| WORK REQUIRED |
Run through the records and show each line that includes the string "color".
___
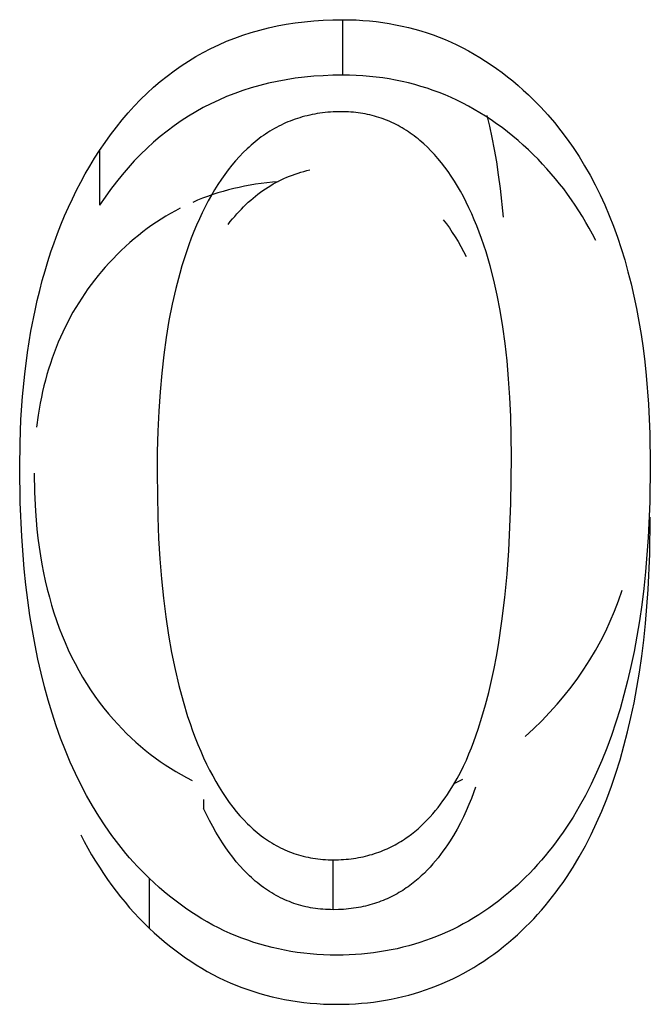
# Model space of a CAD drawing. Header units: millimetres. Extents: x -2637 to -1637, y 678 to 1678.
# Tile 325 of 348: x -1946.15 to -1944.97, y 1444.99 to 1446.84. Entities that reach past the tile are written whole.
import ezdxf

# ---------------------------------------------------------------- set-up
doc = ezdxf.new("R2010")
doc.units = ezdxf.units.MM
doc.layers.add('Make2D$B.SHOW mini', color=7, linetype='Continuous', true_color=0x000000)

msp = doc.modelspace()

# ---------------------------------------------------------------- linework, layer by layer
at = {"layer": 'Make2D$B.SHOW mini', "color": 18, "lineweight": -3, "true_color": 0x000000}
for points in [[(-1946.0032, 1446.5964), (-1945.993, 1446.6116), (-1945.9824, 1446.6263), (-1945.9716, 1446.6405), (-1945.9606, 1446.6543), (-1945.9493, 1446.6675), (-1945.9378, 1446.6803), (-1945.9259, 1446.6926), (-1945.9139, 1446.7044), (-1945.9015, 1446.7157), (-1945.889, 1446.7266), (-1945.8761, 1446.7369), (-1945.863, 1446.7468), (-1945.8496, 1446.7562), (-1945.836, 1446.7651), (-1945.8221, 1446.7735), (-1945.808, 1446.7815), (-1945.7936, 1446.789), (-1945.7789, 1446.7959), (-1945.764, 1446.8024), (-1945.7488, 1446.8085), (-1945.7333, 1446.814), (-1945.7176, 1446.8191), (-1945.7016, 1446.8236), (-1945.6853, 1446.8277), (-1945.6688, 1446.8313), (-1945.652, 1446.8345), (-1945.6349, 1446.8371), (-1945.6176, 1446.8393), (-1945.6, 1446.841), (-1945.5822, 1446.8422), (-1945.564, 1446.8429), (-1945.5456, 1446.8431)], [(-1945.5456, 1446.8431), (-1945.5327, 1446.843), (-1945.52, 1446.8426), (-1945.5073, 1446.8418), (-1945.4947, 1446.8408), (-1945.4823, 1446.8395), (-1945.4699, 1446.8379), (-1945.4577, 1446.8359), (-1945.4456, 1446.8337), (-1945.4335, 1446.8312), (-1945.4216, 1446.8284), (-1945.4098, 1446.8254), (-1945.3981, 1446.822), (-1945.3865, 1446.8183), (-1945.3751, 1446.8143), (-1945.3637, 1446.8101), (-1945.3524, 1446.8055), (-1945.3412, 1446.8006), (-1945.3302, 1446.7955), (-1945.3192, 1446.79), (-1945.3083, 1446.7843), (-1945.2976, 1446.7782), (-1945.2869, 1446.7719), (-1945.2764, 1446.7652), (-1945.2659, 1446.7583), (-1945.2556, 1446.7511), (-1945.2453, 1446.7435), (-1945.2352, 1446.7357), (-1945.2251, 1446.7276), (-1945.2152, 1446.7191), (-1945.2053, 1446.7104), (-1945.1956, 1446.7014), (-1945.1859, 1446.6921)], [(-1945.5456, 1446.8431), (-1945.5456, 1446.7386)], [(-1945.5456, 1446.7386), (-1945.564, 1446.7383), (-1945.5822, 1446.7376), (-1945.6, 1446.7364), (-1945.6176, 1446.7347), (-1945.6349, 1446.7326), (-1945.652, 1446.73), (-1945.6688, 1446.7268), (-1945.6853, 1446.7233), (-1945.7016, 1446.7192), (-1945.7176, 1446.7146), (-1945.7333, 1446.7096), (-1945.7488, 1446.7041), (-1945.764, 1446.6981), (-1945.7789, 1446.6917), (-1945.7936, 1446.6847), (-1945.808, 1446.6773), (-1945.8221, 1446.6694), (-1945.836, 1446.661), (-1945.8496, 1446.6522), (-1945.863, 1446.6429), (-1945.8761, 1446.633), (-1945.889, 1446.6228), (-1945.9015, 1446.612), (-1945.9139, 1446.6007), (-1945.9259, 1446.589), (-1945.9378, 1446.5768), (-1945.9493, 1446.5641), (-1945.9606, 1446.5509), (-1945.9716, 1446.5373), (-1945.9824, 1446.5232), (-1945.993, 1446.5086), (-1946.0032, 1446.4935)], [(-1945.1859, 1446.5885), (-1945.1956, 1446.5977), (-1945.2053, 1446.6067), (-1945.2152, 1446.6154), (-1945.2251, 1446.6237), (-1945.2352, 1446.6318), (-1945.2453, 1446.6396), (-1945.2556, 1446.6471), (-1945.2659, 1446.6543), (-1945.2764, 1446.6612), (-1945.2869, 1446.6678), (-1945.2976, 1446.6741), (-1945.3083, 1446.6801), (-1945.3192, 1446.6858), (-1945.3302, 1446.6912), (-1945.3412, 1446.6963), (-1945.3524, 1446.7012), (-1945.3637, 1446.7057), (-1945.3751, 1446.7099), (-1945.3865, 1446.7139), (-1945.3981, 1446.7175), (-1945.4098, 1446.7209), (-1945.4216, 1446.724), (-1945.4335, 1446.7267), (-1945.4456, 1446.7292), (-1945.4577, 1446.7314), (-1945.4699, 1446.7333), (-1945.4823, 1446.7349), (-1945.4947, 1446.7362), (-1945.5073, 1446.7372), (-1945.52, 1446.738), (-1945.5327, 1446.7384), (-1945.5456, 1446.7386)], [(-1945.1859, 1446.6921), (-1945.1724, 1446.6783), (-1945.1593, 1446.664), (-1945.1466, 1446.6492), (-1945.1343, 1446.6339), (-1945.1225, 1446.6181), (-1945.1111, 1446.6019), (-1945.1002, 1446.5851), (-1945.0897, 1446.5679), (-1945.0796, 1446.5501), (-1945.0699, 1446.5319), (-1945.0607, 1446.5131), (-1945.0519, 1446.4939), (-1945.0435, 1446.4742), (-1945.0356, 1446.4539), (-1945.0281, 1446.4332), (-1945.021, 1446.412), (-1945.0143, 1446.3903), (-1945.0081, 1446.368), (-1945.0023, 1446.3453), (-1944.997, 1446.3221), (-1944.992, 1446.2984), (-1944.9875, 1446.2741), (-1944.9834, 1446.2494), (-1944.9798, 1446.2241), (-1944.9766, 1446.1984), (-1944.9738, 1446.1721), (-1944.9695, 1446.1181), (-1944.9669, 1446.0621), (-1944.9661, 1446.004)], [(-1945.5483, 1446.6697), (-1945.5586, 1446.6695), (-1945.5636, 1446.6693), (-1945.5686, 1446.6689), (-1945.5736, 1446.6686), (-1945.5785, 1446.6681), (-1945.5835, 1446.6675), (-1945.5883, 1446.6668), (-1945.5932, 1446.6661), (-1945.598, 1446.6653), (-1945.6027, 1446.6644), (-1945.6075, 1446.6633), (-1945.6122, 1446.6622), (-1945.6168, 1446.6611), (-1945.6214, 1446.6598), (-1945.626, 1446.6584), (-1945.6306, 1446.657), (-1945.6351, 1446.6555), (-1945.6396, 1446.6538), (-1945.644, 1446.6521), (-1945.6484, 1446.6503), (-1945.6528, 1446.6485), (-1945.6571, 1446.6465), (-1945.6615, 1446.6444), (-1945.6657, 1446.6423), (-1945.6699, 1446.6401), (-1945.6741, 1446.6377), (-1945.6783, 1446.6353), (-1945.6824, 1446.6328), (-1945.6865, 1446.6303), (-1945.6906, 1446.6276), (-1945.6946, 1446.6248), (-1945.6986, 1446.622), (-1945.7025, 1446.6191), (-1945.7064, 1446.616), (-1945.7103, 1446.6129), (-1945.7141, 1446.6098), (-1945.7179, 1446.6065), (-1945.7217, 1446.6031), (-1945.7254, 1446.5997), (-1945.7328, 1446.5925), (-1945.74, 1446.585), (-1945.7471, 1446.5771), (-1945.754, 1446.5689), (-1945.7608, 1446.5603), (-1945.7674, 1446.5514), (-1945.7739, 1446.5422), (-1945.7803, 1446.5325), (-1945.7865, 1446.5226), (-1945.7926, 1446.5123), (-1945.7985, 1446.5016), (-1945.8043, 1446.4906)], [(-1945.3127, 1446.4991), (-1945.3181, 1446.5095), (-1945.3236, 1446.5196), (-1945.3293, 1446.5294), (-1945.3351, 1446.5389), (-1945.341, 1446.548), (-1945.347, 1446.5568), (-1945.3532, 1446.5653), (-1945.3594, 1446.5734), (-1945.3659, 1446.5813), (-1945.3724, 1446.5888), (-1945.3791, 1446.5959), (-1945.3858, 1446.6028), (-1945.3928, 1446.6093), (-1945.3963, 1446.6124), (-1945.3998, 1446.6154), (-1945.4034, 1446.6184), (-1945.407, 1446.6213), (-1945.4106, 1446.6241), (-1945.4143, 1446.6268), (-1945.418, 1446.6294), (-1945.4217, 1446.632), (-1945.4255, 1446.6344), (-1945.4293, 1446.6368), (-1945.4331, 1446.6391), (-1945.4369, 1446.6413), (-1945.4408, 1446.6435), (-1945.4448, 1446.6455), (-1945.4487, 1446.6475), (-1945.4527, 1446.6494), (-1945.4567, 1446.6512), (-1945.4607, 1446.6529), (-1945.4648, 1446.6545), (-1945.4689, 1446.6561), (-1945.4731, 1446.6575), (-1945.4773, 1446.6589), (-1945.4815, 1446.6602), (-1945.4857, 1446.6614), (-1945.49, 1446.6626), (-1945.4943, 1446.6636), (-1945.4986, 1446.6646), (-1945.503, 1446.6654), (-1945.5074, 1446.6662), (-1945.5118, 1446.667), (-1945.5162, 1446.6676), (-1945.5207, 1446.6681), (-1945.5253, 1446.6686), (-1945.5298, 1446.669), (-1945.5344, 1446.6693), (-1945.539, 1446.6695), (-1945.5437, 1446.6696), (-1945.5483, 1446.6697)], [(-1945.2736, 1446.6624), (-1945.2687, 1446.6421), (-1945.2642, 1446.6208), (-1945.2599, 1446.5985), (-1945.2559, 1446.575), (-1945.2523, 1446.5505), (-1945.2489, 1446.5249), (-1945.2431, 1446.4706)], [(-1946.1536, 1445.9991), (-1946.153, 1446.0447), (-1946.1513, 1446.0891), (-1946.1483, 1446.1325), (-1946.1442, 1446.1747), (-1946.1389, 1446.2159), (-1946.1325, 1446.2559), (-1946.1248, 1446.2949), (-1946.1206, 1446.314), (-1946.116, 1446.3328), (-1946.1112, 1446.3513), (-1946.106, 1446.3696), (-1946.1006, 1446.3875), (-1946.0949, 1446.4052), (-1946.0889, 1446.4227), (-1946.0826, 1446.4398), (-1946.0759, 1446.4567), (-1946.069, 1446.4733), (-1946.0618, 1446.4897), (-1946.0544, 1446.5057), (-1946.0466, 1446.5215), (-1946.0385, 1446.537), (-1946.0301, 1446.5523), (-1946.0214, 1446.5673), (-1946.0125, 1446.582), (-1946.0032, 1446.5964)], [(-1946.0032, 1446.5964), (-1946.0032, 1446.4935)], [(-1945.0687, 1446.427), (-1945.0747, 1446.4386), (-1945.0809, 1446.4499), (-1945.0873, 1446.4611), (-1945.0938, 1446.4721), (-1945.1006, 1446.4829), (-1945.1075, 1446.4934), (-1945.1145, 1446.5038), (-1945.1218, 1446.514), (-1945.1292, 1446.524), (-1945.1368, 1446.5338), (-1945.1445, 1446.5434), (-1945.1525, 1446.5528), (-1945.1606, 1446.562), (-1945.1688, 1446.571), (-1945.1773, 1446.5799), (-1945.1859, 1446.5885)], [(-1945.761, 1446.4573), (-1945.757, 1446.4624), (-1945.753, 1446.4674), (-1945.7488, 1446.4723), (-1945.7447, 1446.477), (-1945.7405, 1446.4816), (-1945.7362, 1446.4861), (-1945.7319, 1446.4905), (-1945.7275, 1446.4947), (-1945.7231, 1446.4989), (-1945.7186, 1446.5029), (-1945.7141, 1446.5068), (-1945.7095, 1446.5105), (-1945.7049, 1446.5142), (-1945.7002, 1446.5177), (-1945.6955, 1446.5211), (-1945.6907, 1446.5243), (-1945.6859, 1446.5275), (-1945.681, 1446.5305), (-1945.6761, 1446.5334), (-1945.6711, 1446.5362), (-1945.6661, 1446.5389), (-1945.661, 1446.5414), (-1945.6559, 1446.5438), (-1945.6507, 1446.5461), (-1945.6455, 1446.5483), (-1945.6402, 1446.5503), (-1945.6349, 1446.5522), (-1945.6295, 1446.554), (-1945.6241, 1446.5557), (-1945.6186, 1446.5572), (-1945.613, 1446.5587), (-1945.6075, 1446.56)], [(-1945.6666, 1446.5376), (-1945.6775, 1446.5367), (-1945.6882, 1446.5356), (-1945.6989, 1446.5343), (-1945.7094, 1446.5328), (-1945.7198, 1446.5311), (-1945.7302, 1446.5292), (-1945.7404, 1446.527), (-1945.7505, 1446.5247), (-1945.7606, 1446.5222), (-1945.7705, 1446.5195), (-1945.7803, 1446.5165), (-1945.79, 1446.5134), (-1945.7997, 1446.51), (-1945.8092, 1446.5065), (-1945.8186, 1446.5027), (-1945.8279, 1446.4988)], [(-1945.2274, 1446.0198), (-1945.2278, 1446.058), (-1945.2288, 1446.0951), (-1945.2304, 1446.1311), (-1945.2328, 1446.166), (-1945.2358, 1446.1998), (-1945.2394, 1446.2325), (-1945.2437, 1446.2641), (-1945.2487, 1446.2946), (-1945.2544, 1446.3239), (-1945.2607, 1446.3522), (-1945.2677, 1446.3794), (-1945.2754, 1446.4055), (-1945.2795, 1446.4182), (-1945.2837, 1446.4305), (-1945.2882, 1446.4426), (-1945.2927, 1446.4545), (-1945.2975, 1446.466), (-1945.3024, 1446.4773), (-1945.3075, 1446.4883), (-1945.3127, 1446.4991)], [(-1945.8512, 1446.4878), (-1945.8604, 1446.4829), (-1945.8695, 1446.4779), (-1945.8785, 1446.4726), (-1945.8873, 1446.4671), (-1945.8961, 1446.4615), (-1945.9048, 1446.4555), (-1945.9133, 1446.4494), (-1945.9218, 1446.4431), (-1945.9301, 1446.4365), (-1945.9383, 1446.4297), (-1945.9464, 1446.4228), (-1945.9544, 1446.4155), (-1945.9623, 1446.4081), (-1945.9701, 1446.4005), (-1945.9778, 1446.3926), (-1945.9853, 1446.3846)], [(-1945.8043, 1446.4906), (-1945.8099, 1446.4793), (-1945.8153, 1446.4677), (-1945.8206, 1446.4559), (-1945.8257, 1446.4437), (-1945.8306, 1446.4313), (-1945.8353, 1446.4186), (-1945.8398, 1446.4056), (-1945.8441, 1446.3923), (-1945.8483, 1446.3788), (-1945.8523, 1446.3649), (-1945.8597, 1446.3364), (-1945.8665, 1446.3068), (-1945.8725, 1446.276), (-1945.8778, 1446.244), (-1945.8824, 1446.211), (-1945.8862, 1446.1767), (-1945.8894, 1446.1413), (-1945.8918, 1446.1048), (-1945.8936, 1446.0671), (-1945.8946, 1446.0282), (-1945.895, 1445.9881)], [(-1945.3559, 1446.4661), (-1945.3501, 1446.4585), (-1945.3444, 1446.4505), (-1945.3389, 1446.4422), (-1945.3334, 1446.4337), (-1945.3281, 1446.4249), (-1945.3229, 1446.4158), (-1945.3177, 1446.4064), (-1945.3127, 1446.3968)], [(-1945.9853, 1446.3846), (-1945.9924, 1446.3767), (-1945.9993, 1446.3687), (-1946.006, 1446.3606), (-1946.0126, 1446.3523), (-1946.0189, 1446.344), (-1946.0251, 1446.3355), (-1946.0311, 1446.327), (-1946.0369, 1446.3183), (-1946.0425, 1446.3095), (-1946.048, 1446.3006), (-1946.0533, 1446.2915), (-1946.0584, 1446.2824), (-1946.0633, 1446.2731), (-1946.068, 1446.2637), (-1946.0725, 1446.2542), (-1946.0769, 1446.2446), (-1946.0811, 1446.2349), (-1946.085, 1446.225), (-1946.0889, 1446.2151), (-1946.0925, 1446.205), (-1946.0959, 1446.1948), (-1946.0992, 1446.1845), (-1946.1023, 1446.174), (-1946.1052, 1446.1635), (-1946.1079, 1446.1528), (-1946.1104, 1446.1421), (-1946.1127, 1446.1312), (-1946.1149, 1446.1201), (-1946.1169, 1446.109), (-1946.1187, 1446.0978), (-1946.1217, 1446.0749)], [(-1945.5632, 1445.2593), (-1945.5534, 1445.2594), (-1945.5485, 1445.2597), (-1945.5437, 1445.2599), (-1945.5389, 1445.2603), (-1945.5342, 1445.2608), (-1945.5296, 1445.2613), (-1945.525, 1445.2619), (-1945.5204, 1445.2626), (-1945.5159, 1445.2634), (-1945.5114, 1445.2642), (-1945.507, 1445.2652), (-1945.5027, 1445.2662), (-1945.4983, 1445.2672), (-1945.4941, 1445.2684), (-1945.4899, 1445.2696), (-1945.4857, 1445.2709), (-1945.4816, 1445.2723), (-1945.4775, 1445.2737), (-1945.4735, 1445.2752), (-1945.4695, 1445.2767), (-1945.4656, 1445.2784), (-1945.4617, 1445.2801), (-1945.4579, 1445.2818), (-1945.4541, 1445.2837), (-1945.4504, 1445.2855), (-1945.4467, 1445.2875), (-1945.4431, 1445.2895), (-1945.4395, 1445.2916), (-1945.436, 1445.2937), (-1945.4325, 1445.2959), (-1945.4291, 1445.2981), (-1945.4257, 1445.3004), (-1945.4224, 1445.3028), (-1945.4158, 1445.3076), (-1945.4095, 1445.3127), (-1945.4034, 1445.3179), (-1945.3974, 1445.3233), (-1945.3917, 1445.3289), (-1945.3861, 1445.3345), (-1945.3807, 1445.3403), (-1945.3755, 1445.3462), (-1945.3705, 1445.3521), (-1945.3656, 1445.3581), (-1945.361, 1445.3642), (-1945.3565, 1445.3702), (-1945.3522, 1445.3763), (-1945.348, 1445.3824), (-1945.3441, 1445.3885), (-1945.3366, 1445.4005), (-1945.3298, 1445.4123), (-1945.3236, 1445.4241), (-1945.3178, 1445.4358), (-1945.3125, 1445.4474), (-1945.3076, 1445.4589), (-1945.303, 1445.4705), (-1945.2986, 1445.4821), (-1945.2905, 1445.5053), (-1945.2831, 1445.5285), (-1945.2764, 1445.5516), (-1945.2704, 1445.5747), (-1945.265, 1445.5974), (-1945.2602, 1445.62), (-1945.256, 1445.6425), (-1945.2521, 1445.6648), (-1945.2455, 1445.7094), (-1945.2402, 1445.7538), (-1945.2359, 1445.7981), (-1945.2327, 1445.8423), (-1945.2287, 1445.9308), (-1945.2274, 1446.0198)], [(-1945.91, 1445.2245), (-1945.9176, 1445.2319), (-1945.925, 1445.2395), (-1945.9323, 1445.2472), (-1945.9395, 1445.255), (-1945.9466, 1445.263), (-1945.9535, 1445.2711), (-1945.9671, 1445.2879), (-1945.9802, 1445.3052), (-1945.9928, 1445.3232), (-1946.0049, 1445.3417), (-1946.0166, 1445.3609), (-1946.0278, 1445.3806), (-1946.0385, 1445.401), (-1946.0487, 1445.4219), (-1946.0584, 1445.4435), (-1946.0677, 1445.4656), (-1946.0765, 1445.4884), (-1946.0849, 1445.5117), (-1946.0927, 1445.5357), (-1946.1001, 1445.5602), (-1946.107, 1445.5853), (-1946.1134, 1445.611), (-1946.1194, 1445.6373), (-1946.1248, 1445.6642), (-1946.1298, 1445.6917), (-1946.1343, 1445.7198), (-1946.1384, 1445.7485), (-1946.142, 1445.7778), (-1946.1451, 1445.8076), (-1946.1498, 1445.8691), (-1946.1527, 1445.9329), (-1946.1536, 1445.9991)], [(-1944.9661, 1446.004), (-1944.9671, 1445.9341), (-1944.9701, 1445.8668), (-1944.9752, 1445.8021), (-1944.9785, 1445.7708), (-1944.9823, 1445.7401), (-1944.9866, 1445.7101), (-1944.9914, 1445.6808), (-1944.9967, 1445.6521), (-1945.0026, 1445.624), (-1945.0089, 1445.5967), (-1945.0157, 1445.57), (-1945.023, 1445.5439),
___
| RESULT |
doc.layers.add('Make2D$B.SHOW mini', color=7, linetype='Continuous', true_color=0x000000)
at = {"layer": 'Make2D$B.SHOW mini', "color": 18, "lineweight": -3, "true_color": 0x000000}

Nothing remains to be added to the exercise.